No offence, but I’m going to offend you

The English language is a strange and exciting creation and all I can say is that I am so glad I am a native speaker. With the variety of Latinate, French, Old English and Norse origin words and rules that apply to some words but not to most others, it’s a shock anybody can learn English fluently as a second, third or fourth language.

Vignoni via Wikimedia Commons

English is full of tricks that, when you think about it, shows us that we’re actually really intelligent, and the whole communication thing we do is pretty darn clever. How is it, for example, that we calmly comprehend that our noses run and our feet smell? Or that quicksand actually works pretty slowly? How and why can we accept that slim chances and fat chances are the same thing, whereas a wise guy and a wise man are polar opposites?

I was having a conversation with somebody very recently and she started off a sentence with “no offence, but…”, and it got me thinking. Who decided that that blatantly contradictory phrase with the use of the word “but” gives us permission to then, well, offend someone? It’s the same with the phrase “she’s lovely, but…”. It’s like we’re trying to cover our backs, trying to convince the listener that although we’re about to be pretty rude about someone, we’re actually a really nice person and mean no harm. “I don’t mean to brag, but…”, “sorry, but…”, “I don’t mind, but…”. It’s like we’ve been socially conditioned to believe that as soon as you say the contradictory phrase of your choice, you are then free to say whatever the heck you like with no repercussions.

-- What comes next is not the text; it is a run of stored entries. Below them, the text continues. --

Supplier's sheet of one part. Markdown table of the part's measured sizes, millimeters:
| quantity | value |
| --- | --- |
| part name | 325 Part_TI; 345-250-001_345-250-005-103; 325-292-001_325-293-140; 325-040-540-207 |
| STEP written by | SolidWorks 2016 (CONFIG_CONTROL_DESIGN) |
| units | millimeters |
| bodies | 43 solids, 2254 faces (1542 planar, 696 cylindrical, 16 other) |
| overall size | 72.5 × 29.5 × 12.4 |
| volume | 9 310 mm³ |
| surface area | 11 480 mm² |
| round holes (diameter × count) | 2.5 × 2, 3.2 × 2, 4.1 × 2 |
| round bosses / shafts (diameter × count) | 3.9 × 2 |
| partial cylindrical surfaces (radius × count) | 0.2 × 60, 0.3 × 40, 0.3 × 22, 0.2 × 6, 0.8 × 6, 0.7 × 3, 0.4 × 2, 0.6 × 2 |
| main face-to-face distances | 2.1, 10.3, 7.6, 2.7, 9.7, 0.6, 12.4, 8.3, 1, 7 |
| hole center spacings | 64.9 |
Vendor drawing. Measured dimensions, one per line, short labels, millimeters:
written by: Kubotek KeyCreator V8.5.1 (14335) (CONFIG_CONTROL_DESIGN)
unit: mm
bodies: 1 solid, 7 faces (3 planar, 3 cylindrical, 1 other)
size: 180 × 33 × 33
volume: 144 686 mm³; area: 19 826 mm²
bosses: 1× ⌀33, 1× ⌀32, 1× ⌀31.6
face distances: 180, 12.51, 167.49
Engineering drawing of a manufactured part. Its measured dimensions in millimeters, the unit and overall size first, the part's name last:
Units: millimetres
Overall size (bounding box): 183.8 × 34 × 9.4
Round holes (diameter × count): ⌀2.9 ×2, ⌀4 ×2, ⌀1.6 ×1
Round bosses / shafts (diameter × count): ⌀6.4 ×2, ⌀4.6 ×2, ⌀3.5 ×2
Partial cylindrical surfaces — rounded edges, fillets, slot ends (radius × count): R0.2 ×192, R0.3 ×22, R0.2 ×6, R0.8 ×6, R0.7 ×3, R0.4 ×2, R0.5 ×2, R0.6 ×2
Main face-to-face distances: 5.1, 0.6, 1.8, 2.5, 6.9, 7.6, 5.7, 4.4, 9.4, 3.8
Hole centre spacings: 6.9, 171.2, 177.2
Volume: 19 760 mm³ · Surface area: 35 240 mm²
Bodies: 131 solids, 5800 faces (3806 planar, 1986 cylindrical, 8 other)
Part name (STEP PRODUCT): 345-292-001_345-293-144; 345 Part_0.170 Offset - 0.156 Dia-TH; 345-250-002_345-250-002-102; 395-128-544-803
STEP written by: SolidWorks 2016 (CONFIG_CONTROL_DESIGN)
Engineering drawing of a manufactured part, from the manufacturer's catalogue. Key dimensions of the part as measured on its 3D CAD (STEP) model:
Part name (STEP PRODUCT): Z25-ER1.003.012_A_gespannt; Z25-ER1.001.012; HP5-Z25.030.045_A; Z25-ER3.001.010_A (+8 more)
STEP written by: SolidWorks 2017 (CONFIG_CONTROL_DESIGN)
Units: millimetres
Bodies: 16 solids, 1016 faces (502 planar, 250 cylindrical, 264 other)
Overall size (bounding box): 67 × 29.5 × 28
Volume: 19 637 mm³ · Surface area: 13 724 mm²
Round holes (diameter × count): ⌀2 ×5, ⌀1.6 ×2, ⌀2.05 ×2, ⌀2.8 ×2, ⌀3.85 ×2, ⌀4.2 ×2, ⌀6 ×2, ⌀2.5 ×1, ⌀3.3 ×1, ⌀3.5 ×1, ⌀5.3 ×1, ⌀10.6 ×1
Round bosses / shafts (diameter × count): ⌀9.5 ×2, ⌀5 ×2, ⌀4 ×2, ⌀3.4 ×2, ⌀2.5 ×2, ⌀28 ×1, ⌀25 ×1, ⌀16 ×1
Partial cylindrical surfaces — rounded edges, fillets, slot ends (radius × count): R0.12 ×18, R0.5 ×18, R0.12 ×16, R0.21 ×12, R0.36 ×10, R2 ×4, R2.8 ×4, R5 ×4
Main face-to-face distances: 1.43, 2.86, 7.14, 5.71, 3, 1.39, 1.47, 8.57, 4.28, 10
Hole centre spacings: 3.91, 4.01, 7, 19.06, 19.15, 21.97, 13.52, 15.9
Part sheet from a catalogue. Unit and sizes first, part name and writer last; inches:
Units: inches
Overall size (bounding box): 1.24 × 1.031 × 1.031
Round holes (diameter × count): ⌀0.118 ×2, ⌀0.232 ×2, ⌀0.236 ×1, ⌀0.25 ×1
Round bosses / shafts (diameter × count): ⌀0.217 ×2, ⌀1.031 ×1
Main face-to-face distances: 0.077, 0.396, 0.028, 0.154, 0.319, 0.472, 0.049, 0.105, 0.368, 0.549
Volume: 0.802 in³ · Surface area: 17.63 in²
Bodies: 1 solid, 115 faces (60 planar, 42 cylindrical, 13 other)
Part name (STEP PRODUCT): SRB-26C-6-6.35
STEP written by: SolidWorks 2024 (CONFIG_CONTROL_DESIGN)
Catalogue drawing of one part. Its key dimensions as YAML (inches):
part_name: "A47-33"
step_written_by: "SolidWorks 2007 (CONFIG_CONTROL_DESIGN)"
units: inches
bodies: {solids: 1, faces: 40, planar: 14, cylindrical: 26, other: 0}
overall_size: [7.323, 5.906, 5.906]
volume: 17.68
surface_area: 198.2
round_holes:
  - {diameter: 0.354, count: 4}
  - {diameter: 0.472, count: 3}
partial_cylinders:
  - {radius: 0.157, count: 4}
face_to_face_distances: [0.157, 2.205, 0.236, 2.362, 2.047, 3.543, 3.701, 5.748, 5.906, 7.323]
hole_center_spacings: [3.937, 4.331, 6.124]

You can offend, be rude, slander whoever and whatever you like until your heart’s content because, well, you’ve already apologised. Well that’s alright then, isn’t it? It seems a strange yet much conventionalised feature of our language and it’s just one example of the curiosities of the English language.

Along with these hidden meanings of English, there is the silent “k” at the start of knife; the fact there is no ham in a hamburger and no egg in an eggplant; the way bough, through and tough are all pronounced different ways and the way we play at a recital but recite at a play all just add to the confusing yet wonderfully mutually comprehensible language that is English.

With all these contradictions and rules that make no logical sense, it’s amazing that anybody can understand anything. English is ever evolving and adapting to adopt new slang words and new technological terms and it’s often very difficult to keep up. For the most part, however, although the new vocabulary may sometimes pass us by, we can understand the rest of the language. So, what I’m trying to say is, I don’t mean to brag, but we’re pretty flamin’ smart.